> Work to complete: Copy each line containing "Author" from the listing below.

————

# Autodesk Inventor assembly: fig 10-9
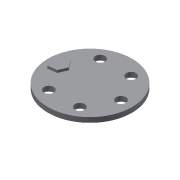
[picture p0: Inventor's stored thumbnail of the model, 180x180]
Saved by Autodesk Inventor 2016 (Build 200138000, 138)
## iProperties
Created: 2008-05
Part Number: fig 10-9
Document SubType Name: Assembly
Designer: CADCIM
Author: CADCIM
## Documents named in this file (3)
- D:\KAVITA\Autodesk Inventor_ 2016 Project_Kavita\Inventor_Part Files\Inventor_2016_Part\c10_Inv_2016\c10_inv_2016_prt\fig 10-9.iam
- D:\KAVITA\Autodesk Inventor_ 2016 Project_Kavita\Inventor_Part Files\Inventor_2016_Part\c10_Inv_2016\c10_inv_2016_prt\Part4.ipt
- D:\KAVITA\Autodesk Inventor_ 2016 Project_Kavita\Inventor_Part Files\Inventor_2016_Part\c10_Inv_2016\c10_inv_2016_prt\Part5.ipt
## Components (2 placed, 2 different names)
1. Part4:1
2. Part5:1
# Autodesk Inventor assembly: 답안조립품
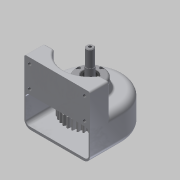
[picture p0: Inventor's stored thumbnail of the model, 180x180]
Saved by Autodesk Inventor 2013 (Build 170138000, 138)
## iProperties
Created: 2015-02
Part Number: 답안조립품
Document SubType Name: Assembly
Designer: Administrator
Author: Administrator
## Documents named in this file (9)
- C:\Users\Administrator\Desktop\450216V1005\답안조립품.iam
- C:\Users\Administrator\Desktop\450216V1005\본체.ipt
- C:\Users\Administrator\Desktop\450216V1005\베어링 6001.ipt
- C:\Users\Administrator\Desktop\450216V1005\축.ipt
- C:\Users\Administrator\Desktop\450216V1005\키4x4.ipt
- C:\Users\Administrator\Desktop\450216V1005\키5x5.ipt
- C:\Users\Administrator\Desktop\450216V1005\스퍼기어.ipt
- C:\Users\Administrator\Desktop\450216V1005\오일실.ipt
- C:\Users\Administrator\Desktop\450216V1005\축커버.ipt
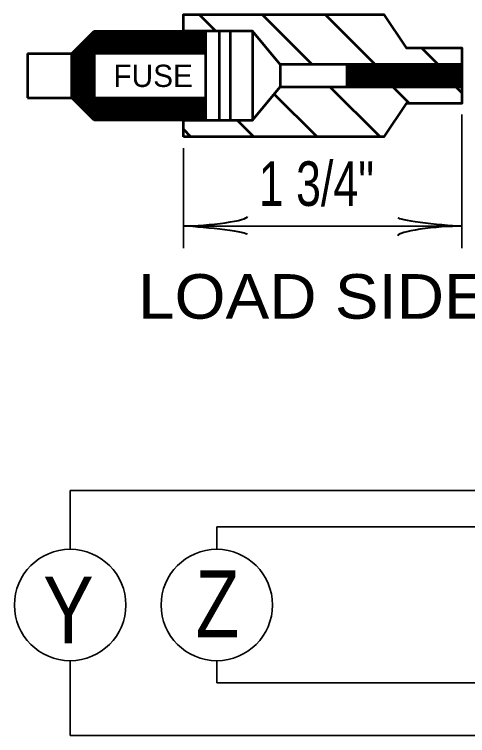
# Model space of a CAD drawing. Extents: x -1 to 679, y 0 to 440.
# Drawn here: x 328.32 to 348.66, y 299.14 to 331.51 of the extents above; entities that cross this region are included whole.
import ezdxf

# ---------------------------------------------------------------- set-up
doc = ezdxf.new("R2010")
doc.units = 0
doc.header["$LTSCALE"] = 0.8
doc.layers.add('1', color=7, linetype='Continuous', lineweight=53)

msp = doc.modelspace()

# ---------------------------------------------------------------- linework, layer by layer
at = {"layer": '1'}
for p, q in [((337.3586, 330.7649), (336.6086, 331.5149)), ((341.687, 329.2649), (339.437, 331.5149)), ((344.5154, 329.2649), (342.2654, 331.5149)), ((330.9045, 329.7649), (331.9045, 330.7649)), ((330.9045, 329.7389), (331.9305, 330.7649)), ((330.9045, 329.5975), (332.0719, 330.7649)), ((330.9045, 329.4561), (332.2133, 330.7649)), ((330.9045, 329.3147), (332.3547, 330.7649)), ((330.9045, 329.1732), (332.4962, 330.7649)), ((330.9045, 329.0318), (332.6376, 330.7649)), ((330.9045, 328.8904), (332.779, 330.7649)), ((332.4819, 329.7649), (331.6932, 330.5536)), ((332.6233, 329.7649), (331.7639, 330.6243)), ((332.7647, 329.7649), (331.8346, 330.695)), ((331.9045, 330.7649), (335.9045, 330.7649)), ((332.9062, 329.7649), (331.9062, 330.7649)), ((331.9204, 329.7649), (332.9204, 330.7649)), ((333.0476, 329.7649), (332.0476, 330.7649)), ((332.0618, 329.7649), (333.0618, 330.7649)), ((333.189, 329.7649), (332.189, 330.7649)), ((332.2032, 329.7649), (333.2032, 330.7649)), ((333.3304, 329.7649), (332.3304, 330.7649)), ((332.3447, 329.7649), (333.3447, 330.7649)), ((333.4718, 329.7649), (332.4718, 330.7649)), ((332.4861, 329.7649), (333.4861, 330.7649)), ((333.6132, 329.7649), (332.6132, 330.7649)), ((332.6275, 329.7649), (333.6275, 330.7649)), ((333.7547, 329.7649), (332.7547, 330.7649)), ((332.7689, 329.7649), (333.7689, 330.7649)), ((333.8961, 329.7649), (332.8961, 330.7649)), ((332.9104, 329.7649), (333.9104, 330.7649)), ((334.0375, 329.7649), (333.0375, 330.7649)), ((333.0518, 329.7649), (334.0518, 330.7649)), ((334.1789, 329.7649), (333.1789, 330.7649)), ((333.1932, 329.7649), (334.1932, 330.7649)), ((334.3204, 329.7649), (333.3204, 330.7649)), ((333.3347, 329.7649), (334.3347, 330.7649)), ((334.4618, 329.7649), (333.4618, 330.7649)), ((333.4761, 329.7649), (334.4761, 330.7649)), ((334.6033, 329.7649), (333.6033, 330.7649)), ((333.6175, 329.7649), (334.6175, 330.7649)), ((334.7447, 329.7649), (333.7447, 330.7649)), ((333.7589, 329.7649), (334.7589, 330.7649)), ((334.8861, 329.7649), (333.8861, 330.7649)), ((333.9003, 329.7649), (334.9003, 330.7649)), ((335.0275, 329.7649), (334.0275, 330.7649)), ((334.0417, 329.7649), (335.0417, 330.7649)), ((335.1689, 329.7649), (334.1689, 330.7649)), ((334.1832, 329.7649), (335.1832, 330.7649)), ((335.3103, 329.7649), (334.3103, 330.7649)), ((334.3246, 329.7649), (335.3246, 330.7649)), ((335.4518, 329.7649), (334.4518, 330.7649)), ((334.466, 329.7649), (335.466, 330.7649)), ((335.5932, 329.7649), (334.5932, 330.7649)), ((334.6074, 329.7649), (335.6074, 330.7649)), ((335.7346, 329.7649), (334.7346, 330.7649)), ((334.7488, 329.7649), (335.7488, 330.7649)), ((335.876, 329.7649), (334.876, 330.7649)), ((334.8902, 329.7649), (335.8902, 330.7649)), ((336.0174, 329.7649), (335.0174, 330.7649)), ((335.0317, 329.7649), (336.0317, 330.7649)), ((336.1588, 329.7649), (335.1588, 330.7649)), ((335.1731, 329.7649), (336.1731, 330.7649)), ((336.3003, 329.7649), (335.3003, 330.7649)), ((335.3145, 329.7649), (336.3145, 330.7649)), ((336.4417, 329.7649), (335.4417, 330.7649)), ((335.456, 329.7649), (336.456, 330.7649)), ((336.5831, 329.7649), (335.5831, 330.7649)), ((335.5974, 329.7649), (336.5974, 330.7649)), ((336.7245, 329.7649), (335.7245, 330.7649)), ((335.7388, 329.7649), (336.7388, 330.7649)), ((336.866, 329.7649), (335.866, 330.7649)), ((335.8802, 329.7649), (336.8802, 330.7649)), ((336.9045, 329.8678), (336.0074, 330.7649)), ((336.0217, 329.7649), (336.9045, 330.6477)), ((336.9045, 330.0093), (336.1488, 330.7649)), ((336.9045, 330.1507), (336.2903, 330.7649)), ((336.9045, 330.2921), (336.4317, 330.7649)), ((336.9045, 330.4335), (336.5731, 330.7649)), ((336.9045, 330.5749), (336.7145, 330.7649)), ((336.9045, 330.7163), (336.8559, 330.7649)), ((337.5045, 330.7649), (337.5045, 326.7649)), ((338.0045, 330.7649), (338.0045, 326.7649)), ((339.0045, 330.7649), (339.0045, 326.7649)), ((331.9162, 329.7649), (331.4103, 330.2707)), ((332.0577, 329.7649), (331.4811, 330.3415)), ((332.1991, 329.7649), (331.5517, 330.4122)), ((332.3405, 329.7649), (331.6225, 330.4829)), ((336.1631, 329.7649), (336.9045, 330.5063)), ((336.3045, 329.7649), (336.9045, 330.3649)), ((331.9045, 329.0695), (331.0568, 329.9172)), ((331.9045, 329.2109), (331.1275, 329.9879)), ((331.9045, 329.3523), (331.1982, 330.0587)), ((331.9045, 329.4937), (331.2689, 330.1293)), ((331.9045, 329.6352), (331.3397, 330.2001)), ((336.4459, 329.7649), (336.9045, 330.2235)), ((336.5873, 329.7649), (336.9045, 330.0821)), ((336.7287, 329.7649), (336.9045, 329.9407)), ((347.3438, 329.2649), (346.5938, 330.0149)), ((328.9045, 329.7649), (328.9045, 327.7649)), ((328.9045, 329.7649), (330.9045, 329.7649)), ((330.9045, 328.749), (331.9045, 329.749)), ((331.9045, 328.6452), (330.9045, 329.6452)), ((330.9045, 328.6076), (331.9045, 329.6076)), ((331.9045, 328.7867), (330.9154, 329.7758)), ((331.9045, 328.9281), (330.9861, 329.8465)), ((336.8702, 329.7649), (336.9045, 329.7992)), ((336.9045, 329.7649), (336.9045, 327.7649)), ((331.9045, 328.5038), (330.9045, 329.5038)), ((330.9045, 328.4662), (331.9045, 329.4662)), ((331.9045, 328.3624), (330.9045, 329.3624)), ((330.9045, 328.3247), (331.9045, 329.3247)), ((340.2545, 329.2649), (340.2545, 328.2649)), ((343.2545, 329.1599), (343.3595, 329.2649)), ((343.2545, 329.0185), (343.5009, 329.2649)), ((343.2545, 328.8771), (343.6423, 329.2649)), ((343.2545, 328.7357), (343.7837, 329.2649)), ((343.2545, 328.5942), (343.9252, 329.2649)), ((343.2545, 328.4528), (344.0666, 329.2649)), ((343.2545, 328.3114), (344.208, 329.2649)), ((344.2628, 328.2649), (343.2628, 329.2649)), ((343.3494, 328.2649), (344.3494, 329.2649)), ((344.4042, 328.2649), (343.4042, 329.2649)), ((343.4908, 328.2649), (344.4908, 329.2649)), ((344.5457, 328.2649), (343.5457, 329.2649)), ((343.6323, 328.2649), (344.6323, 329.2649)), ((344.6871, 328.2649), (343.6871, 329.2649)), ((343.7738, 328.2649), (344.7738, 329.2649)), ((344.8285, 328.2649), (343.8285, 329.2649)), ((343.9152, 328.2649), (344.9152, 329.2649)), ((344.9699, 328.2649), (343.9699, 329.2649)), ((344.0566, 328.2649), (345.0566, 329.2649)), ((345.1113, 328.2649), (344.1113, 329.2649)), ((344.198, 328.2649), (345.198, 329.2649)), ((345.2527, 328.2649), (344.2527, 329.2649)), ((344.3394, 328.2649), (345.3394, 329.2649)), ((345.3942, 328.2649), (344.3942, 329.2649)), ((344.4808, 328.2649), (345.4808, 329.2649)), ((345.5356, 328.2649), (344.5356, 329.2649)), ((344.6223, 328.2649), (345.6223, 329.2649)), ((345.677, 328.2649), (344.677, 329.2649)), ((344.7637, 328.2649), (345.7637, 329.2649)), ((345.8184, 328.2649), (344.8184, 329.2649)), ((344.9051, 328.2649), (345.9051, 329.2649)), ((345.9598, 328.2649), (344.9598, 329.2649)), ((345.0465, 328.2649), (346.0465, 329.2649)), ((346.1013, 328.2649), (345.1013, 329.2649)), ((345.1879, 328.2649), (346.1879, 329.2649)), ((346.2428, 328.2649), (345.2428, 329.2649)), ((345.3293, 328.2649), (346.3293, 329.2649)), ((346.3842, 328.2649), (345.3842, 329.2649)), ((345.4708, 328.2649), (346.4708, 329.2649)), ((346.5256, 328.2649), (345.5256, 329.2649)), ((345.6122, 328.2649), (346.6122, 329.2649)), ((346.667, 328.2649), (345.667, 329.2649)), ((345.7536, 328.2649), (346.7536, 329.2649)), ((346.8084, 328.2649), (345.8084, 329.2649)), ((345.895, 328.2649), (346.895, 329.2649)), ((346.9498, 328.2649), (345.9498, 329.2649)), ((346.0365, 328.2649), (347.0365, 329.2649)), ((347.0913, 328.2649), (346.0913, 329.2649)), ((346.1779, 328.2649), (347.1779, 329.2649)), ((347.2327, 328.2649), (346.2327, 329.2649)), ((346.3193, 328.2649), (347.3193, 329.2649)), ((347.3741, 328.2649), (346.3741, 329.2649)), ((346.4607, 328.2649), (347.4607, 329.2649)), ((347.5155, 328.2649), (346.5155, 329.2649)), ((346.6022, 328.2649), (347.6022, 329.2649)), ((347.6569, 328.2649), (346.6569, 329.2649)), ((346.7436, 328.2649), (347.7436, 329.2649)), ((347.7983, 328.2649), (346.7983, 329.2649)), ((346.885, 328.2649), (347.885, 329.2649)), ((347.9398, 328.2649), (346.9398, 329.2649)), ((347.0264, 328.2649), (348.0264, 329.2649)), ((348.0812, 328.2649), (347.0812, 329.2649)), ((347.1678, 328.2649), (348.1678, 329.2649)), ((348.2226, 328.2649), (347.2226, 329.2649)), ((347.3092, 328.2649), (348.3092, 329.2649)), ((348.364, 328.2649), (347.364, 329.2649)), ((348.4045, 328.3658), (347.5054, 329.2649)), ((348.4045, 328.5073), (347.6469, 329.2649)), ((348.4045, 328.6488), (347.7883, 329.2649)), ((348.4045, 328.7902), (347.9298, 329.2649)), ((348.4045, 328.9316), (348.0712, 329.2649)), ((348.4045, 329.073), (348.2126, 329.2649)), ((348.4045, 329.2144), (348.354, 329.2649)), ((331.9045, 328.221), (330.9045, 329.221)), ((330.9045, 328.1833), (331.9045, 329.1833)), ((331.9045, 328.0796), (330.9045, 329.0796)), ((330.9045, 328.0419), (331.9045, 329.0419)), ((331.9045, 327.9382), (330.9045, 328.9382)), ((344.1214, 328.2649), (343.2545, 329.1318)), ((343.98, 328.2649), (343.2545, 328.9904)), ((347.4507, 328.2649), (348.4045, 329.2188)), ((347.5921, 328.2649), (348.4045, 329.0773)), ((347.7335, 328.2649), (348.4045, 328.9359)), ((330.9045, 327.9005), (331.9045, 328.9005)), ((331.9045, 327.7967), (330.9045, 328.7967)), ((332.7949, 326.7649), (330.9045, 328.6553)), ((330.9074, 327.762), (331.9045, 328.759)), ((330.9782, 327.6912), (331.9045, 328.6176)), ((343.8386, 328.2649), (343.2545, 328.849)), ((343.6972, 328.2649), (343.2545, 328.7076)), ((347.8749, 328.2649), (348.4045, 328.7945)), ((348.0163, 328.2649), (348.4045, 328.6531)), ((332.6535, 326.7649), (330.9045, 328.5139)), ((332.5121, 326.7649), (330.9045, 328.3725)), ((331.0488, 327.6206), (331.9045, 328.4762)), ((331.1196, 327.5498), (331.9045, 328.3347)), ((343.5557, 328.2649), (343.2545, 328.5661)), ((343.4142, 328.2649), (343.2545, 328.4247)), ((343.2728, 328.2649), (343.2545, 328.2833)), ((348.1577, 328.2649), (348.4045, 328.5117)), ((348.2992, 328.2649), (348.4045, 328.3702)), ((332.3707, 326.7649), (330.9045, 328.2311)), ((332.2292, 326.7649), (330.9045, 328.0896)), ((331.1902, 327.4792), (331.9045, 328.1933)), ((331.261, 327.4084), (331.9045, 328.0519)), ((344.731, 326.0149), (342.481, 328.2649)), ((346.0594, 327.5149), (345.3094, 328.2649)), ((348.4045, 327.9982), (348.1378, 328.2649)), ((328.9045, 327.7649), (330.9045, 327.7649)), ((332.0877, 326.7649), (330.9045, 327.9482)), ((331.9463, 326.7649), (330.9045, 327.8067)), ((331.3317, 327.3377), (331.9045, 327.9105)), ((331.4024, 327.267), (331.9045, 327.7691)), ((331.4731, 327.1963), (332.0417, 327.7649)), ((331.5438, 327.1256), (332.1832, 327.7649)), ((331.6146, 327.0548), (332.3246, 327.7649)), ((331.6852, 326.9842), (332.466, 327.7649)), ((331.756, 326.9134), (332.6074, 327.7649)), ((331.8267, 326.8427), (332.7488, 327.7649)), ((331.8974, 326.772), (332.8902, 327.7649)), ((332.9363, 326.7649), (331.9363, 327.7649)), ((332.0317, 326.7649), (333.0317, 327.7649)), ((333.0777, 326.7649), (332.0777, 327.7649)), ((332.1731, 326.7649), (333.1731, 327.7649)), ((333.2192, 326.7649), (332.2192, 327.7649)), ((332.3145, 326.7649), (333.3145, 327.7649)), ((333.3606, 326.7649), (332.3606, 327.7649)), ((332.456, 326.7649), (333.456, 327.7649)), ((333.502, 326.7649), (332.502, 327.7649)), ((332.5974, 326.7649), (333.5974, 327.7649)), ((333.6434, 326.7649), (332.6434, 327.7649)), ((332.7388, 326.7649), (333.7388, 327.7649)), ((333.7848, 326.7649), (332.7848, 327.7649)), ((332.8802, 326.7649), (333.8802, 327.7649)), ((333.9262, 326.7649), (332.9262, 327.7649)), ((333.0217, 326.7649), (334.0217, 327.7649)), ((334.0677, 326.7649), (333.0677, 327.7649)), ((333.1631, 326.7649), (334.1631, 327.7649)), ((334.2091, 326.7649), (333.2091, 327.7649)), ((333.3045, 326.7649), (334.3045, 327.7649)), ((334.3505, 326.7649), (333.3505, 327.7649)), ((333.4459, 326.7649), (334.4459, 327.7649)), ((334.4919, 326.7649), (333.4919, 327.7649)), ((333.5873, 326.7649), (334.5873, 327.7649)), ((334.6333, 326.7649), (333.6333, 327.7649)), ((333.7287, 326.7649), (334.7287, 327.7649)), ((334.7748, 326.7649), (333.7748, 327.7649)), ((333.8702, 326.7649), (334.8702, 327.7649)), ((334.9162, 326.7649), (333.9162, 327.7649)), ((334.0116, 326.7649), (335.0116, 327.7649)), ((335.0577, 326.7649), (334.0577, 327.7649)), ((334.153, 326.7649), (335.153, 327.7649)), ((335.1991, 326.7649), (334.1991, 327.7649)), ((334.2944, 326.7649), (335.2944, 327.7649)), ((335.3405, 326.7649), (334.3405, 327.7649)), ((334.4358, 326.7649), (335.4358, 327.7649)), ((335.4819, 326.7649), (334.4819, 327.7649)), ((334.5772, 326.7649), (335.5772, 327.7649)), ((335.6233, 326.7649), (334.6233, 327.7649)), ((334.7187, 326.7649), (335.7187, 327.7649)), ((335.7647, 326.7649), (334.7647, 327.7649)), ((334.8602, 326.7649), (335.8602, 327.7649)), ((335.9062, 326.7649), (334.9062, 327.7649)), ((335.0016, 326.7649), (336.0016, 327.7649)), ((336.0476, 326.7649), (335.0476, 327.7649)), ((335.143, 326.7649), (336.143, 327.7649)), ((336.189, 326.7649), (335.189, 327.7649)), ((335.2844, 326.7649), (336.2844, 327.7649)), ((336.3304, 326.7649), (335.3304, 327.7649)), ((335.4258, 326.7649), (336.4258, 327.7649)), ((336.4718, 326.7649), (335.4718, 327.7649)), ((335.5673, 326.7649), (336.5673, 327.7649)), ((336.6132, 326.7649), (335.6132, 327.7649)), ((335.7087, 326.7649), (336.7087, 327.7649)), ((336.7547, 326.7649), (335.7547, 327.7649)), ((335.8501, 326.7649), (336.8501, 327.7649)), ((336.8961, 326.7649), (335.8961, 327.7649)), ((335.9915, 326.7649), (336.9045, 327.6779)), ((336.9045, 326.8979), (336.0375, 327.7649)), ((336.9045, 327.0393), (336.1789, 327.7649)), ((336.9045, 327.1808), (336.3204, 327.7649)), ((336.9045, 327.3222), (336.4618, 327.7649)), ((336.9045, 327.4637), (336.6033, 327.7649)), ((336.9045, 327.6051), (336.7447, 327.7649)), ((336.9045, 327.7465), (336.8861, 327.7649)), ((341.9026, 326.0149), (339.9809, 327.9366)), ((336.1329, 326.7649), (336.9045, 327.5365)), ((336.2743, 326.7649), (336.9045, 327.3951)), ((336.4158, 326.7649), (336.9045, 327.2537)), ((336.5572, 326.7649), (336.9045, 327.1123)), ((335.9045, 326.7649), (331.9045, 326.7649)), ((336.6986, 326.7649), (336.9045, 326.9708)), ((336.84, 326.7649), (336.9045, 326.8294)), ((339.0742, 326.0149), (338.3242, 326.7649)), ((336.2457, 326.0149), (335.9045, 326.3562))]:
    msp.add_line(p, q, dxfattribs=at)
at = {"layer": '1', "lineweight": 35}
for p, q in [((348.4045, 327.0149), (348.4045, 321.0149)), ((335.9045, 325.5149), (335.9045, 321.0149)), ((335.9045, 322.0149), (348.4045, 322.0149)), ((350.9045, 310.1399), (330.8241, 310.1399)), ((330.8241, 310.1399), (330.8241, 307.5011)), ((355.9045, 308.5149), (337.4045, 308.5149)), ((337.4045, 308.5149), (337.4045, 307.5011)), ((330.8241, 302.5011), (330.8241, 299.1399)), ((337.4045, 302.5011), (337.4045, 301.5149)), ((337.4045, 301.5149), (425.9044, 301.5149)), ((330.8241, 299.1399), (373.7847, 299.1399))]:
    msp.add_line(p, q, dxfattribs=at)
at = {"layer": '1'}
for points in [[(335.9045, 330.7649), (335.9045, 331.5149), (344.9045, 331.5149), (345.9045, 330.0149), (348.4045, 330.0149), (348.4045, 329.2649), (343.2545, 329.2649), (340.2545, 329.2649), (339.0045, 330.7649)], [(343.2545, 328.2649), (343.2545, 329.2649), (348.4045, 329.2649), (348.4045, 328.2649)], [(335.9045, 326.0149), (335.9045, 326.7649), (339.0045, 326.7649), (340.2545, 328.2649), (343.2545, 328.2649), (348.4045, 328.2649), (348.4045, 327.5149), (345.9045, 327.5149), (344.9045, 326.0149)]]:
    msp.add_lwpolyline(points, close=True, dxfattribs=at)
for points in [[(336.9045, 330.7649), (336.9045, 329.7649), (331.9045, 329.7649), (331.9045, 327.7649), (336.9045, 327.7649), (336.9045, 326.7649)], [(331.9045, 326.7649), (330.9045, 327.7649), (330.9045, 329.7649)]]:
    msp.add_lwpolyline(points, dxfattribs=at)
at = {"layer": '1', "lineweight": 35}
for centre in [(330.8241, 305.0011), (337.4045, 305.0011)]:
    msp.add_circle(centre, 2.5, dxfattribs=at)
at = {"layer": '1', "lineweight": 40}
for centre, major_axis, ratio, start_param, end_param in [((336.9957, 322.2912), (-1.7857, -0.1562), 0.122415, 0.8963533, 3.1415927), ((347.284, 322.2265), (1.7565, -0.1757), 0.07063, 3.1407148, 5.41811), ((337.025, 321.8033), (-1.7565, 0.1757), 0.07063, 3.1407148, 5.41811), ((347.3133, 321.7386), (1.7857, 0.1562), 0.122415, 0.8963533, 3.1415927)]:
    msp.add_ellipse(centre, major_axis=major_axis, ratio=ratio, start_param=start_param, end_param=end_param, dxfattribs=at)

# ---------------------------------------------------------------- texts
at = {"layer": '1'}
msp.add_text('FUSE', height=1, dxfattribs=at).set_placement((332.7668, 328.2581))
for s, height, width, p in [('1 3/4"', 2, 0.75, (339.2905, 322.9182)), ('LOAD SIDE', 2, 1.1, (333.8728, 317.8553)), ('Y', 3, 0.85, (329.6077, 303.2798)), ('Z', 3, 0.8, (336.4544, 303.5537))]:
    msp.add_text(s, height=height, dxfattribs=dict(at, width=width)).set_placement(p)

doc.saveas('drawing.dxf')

————

> Response to the exercise:
Author: CADCIM
Author: Administrator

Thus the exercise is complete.